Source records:
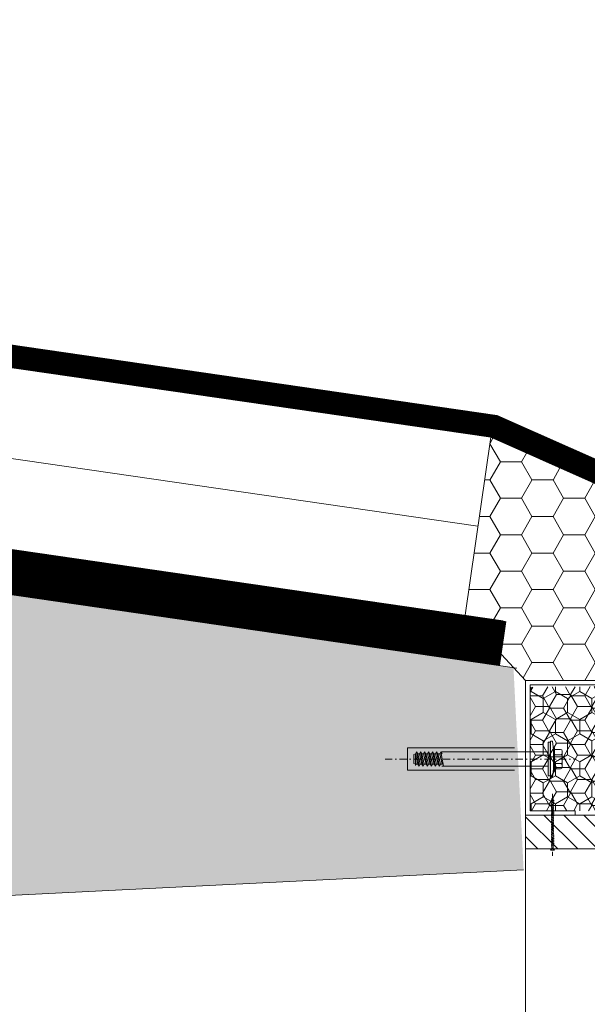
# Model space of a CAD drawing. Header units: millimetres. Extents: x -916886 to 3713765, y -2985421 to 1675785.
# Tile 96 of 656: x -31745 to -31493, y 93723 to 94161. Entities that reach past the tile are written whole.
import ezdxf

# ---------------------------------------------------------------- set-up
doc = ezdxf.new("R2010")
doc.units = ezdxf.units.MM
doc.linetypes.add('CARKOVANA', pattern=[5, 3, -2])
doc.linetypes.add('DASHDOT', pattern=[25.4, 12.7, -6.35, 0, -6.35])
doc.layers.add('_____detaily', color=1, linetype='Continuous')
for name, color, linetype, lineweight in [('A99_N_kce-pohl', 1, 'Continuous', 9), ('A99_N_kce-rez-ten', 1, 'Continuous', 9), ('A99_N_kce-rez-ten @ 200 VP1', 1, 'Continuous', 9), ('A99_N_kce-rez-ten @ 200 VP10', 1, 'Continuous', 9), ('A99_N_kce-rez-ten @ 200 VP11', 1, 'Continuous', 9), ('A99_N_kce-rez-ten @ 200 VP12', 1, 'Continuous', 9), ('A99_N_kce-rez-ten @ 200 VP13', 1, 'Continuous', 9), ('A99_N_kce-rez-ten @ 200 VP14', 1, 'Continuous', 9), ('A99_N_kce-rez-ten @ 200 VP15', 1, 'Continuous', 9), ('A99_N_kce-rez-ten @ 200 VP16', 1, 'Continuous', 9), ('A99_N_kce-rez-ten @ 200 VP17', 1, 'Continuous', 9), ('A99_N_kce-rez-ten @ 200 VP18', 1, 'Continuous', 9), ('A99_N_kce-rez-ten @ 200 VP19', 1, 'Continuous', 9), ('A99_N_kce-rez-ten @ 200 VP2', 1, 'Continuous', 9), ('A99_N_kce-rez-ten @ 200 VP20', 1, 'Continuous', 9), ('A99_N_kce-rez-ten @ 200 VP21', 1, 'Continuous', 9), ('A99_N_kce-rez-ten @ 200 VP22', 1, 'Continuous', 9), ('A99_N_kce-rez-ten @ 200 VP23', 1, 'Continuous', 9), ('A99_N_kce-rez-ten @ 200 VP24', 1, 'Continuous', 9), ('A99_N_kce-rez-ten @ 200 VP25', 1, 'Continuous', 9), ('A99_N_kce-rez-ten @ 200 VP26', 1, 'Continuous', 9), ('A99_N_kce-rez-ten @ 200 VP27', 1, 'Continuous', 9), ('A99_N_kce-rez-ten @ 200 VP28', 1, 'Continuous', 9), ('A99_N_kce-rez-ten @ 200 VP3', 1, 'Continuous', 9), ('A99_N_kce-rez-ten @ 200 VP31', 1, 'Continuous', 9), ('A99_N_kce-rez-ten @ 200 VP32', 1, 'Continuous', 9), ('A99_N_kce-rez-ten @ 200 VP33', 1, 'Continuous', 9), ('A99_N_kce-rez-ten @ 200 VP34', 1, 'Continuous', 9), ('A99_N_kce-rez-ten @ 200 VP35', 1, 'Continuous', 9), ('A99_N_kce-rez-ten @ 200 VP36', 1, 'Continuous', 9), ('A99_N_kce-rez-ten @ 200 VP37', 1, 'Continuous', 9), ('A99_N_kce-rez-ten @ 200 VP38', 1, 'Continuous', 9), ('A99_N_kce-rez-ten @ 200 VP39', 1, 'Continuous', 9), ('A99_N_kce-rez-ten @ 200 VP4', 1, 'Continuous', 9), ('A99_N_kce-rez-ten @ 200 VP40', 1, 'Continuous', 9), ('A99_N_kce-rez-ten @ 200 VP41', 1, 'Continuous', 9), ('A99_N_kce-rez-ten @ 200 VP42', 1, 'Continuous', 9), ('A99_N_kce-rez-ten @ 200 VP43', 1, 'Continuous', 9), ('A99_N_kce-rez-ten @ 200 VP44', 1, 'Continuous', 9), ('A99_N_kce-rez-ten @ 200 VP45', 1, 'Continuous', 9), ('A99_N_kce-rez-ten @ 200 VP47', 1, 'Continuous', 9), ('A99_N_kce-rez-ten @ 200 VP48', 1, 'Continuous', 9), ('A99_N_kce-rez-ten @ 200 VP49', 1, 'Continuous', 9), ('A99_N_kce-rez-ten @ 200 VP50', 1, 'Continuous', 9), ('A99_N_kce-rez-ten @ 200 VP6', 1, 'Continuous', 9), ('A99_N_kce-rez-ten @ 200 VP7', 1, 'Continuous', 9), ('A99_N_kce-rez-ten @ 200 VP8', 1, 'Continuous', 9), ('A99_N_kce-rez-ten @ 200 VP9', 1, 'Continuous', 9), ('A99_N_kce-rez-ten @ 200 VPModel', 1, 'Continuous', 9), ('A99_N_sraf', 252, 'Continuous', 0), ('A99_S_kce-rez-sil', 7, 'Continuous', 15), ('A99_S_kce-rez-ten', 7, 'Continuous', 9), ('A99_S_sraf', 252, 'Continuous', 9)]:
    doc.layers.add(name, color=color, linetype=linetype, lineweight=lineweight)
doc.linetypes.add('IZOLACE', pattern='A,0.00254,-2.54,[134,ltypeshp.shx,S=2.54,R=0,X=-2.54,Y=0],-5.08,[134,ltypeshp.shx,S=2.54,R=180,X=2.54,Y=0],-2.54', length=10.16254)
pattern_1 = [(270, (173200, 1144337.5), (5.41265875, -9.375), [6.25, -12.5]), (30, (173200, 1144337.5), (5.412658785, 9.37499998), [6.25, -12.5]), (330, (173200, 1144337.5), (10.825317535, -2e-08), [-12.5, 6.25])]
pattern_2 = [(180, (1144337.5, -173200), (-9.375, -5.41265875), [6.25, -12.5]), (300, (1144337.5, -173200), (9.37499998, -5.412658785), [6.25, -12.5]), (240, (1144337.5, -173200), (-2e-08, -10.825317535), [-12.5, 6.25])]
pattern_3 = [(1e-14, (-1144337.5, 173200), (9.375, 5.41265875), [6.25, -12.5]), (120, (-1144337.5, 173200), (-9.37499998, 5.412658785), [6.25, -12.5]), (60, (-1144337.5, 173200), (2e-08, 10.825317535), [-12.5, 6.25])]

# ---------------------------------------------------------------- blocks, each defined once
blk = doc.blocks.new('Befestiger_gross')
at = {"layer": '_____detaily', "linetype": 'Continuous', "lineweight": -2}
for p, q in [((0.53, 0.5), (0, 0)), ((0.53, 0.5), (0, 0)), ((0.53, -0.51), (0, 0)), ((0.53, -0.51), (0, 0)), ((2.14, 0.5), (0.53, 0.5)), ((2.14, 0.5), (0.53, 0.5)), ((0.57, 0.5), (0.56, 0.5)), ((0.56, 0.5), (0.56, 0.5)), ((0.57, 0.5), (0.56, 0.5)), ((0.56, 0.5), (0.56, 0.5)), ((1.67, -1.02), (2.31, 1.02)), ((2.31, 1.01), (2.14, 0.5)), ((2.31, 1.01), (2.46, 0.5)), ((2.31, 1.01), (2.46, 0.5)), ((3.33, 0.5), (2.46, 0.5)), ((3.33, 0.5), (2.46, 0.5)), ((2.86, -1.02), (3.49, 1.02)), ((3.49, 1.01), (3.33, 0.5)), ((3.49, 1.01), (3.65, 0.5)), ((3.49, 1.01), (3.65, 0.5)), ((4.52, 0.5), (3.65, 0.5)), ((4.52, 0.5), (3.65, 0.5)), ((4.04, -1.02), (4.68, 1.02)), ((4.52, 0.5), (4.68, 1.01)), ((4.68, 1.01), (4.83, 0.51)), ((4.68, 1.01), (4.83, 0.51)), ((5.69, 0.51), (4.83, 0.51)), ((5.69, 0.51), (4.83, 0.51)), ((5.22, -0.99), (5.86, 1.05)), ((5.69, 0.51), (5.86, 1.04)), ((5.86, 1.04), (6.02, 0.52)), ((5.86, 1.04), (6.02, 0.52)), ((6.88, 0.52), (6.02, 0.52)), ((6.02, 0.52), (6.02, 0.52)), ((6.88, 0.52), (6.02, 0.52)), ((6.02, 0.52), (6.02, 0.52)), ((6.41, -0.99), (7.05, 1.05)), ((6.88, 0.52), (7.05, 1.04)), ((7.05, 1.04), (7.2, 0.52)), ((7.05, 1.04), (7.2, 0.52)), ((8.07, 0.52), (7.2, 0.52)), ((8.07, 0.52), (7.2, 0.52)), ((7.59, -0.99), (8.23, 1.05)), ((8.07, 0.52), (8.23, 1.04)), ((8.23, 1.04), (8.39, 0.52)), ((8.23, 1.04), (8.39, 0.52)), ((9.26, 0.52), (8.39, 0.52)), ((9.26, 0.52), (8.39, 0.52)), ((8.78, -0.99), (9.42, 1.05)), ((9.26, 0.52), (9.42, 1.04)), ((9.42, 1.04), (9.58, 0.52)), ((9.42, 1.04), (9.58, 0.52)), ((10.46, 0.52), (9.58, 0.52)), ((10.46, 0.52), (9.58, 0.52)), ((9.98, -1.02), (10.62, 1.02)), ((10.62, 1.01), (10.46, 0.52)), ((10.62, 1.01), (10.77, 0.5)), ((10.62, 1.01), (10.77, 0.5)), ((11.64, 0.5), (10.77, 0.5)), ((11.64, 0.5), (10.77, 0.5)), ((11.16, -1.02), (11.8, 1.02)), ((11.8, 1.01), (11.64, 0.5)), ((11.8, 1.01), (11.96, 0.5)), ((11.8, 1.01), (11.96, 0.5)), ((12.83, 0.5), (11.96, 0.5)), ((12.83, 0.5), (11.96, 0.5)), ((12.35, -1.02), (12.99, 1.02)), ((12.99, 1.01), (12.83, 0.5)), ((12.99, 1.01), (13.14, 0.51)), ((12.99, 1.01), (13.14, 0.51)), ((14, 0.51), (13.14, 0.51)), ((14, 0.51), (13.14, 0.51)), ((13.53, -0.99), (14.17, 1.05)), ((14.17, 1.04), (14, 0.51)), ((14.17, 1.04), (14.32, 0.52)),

§ **Task requirements**: What is needed is the number of lines in the entries that contain the word "ezdxf", written alone.

§ **Solution**: 3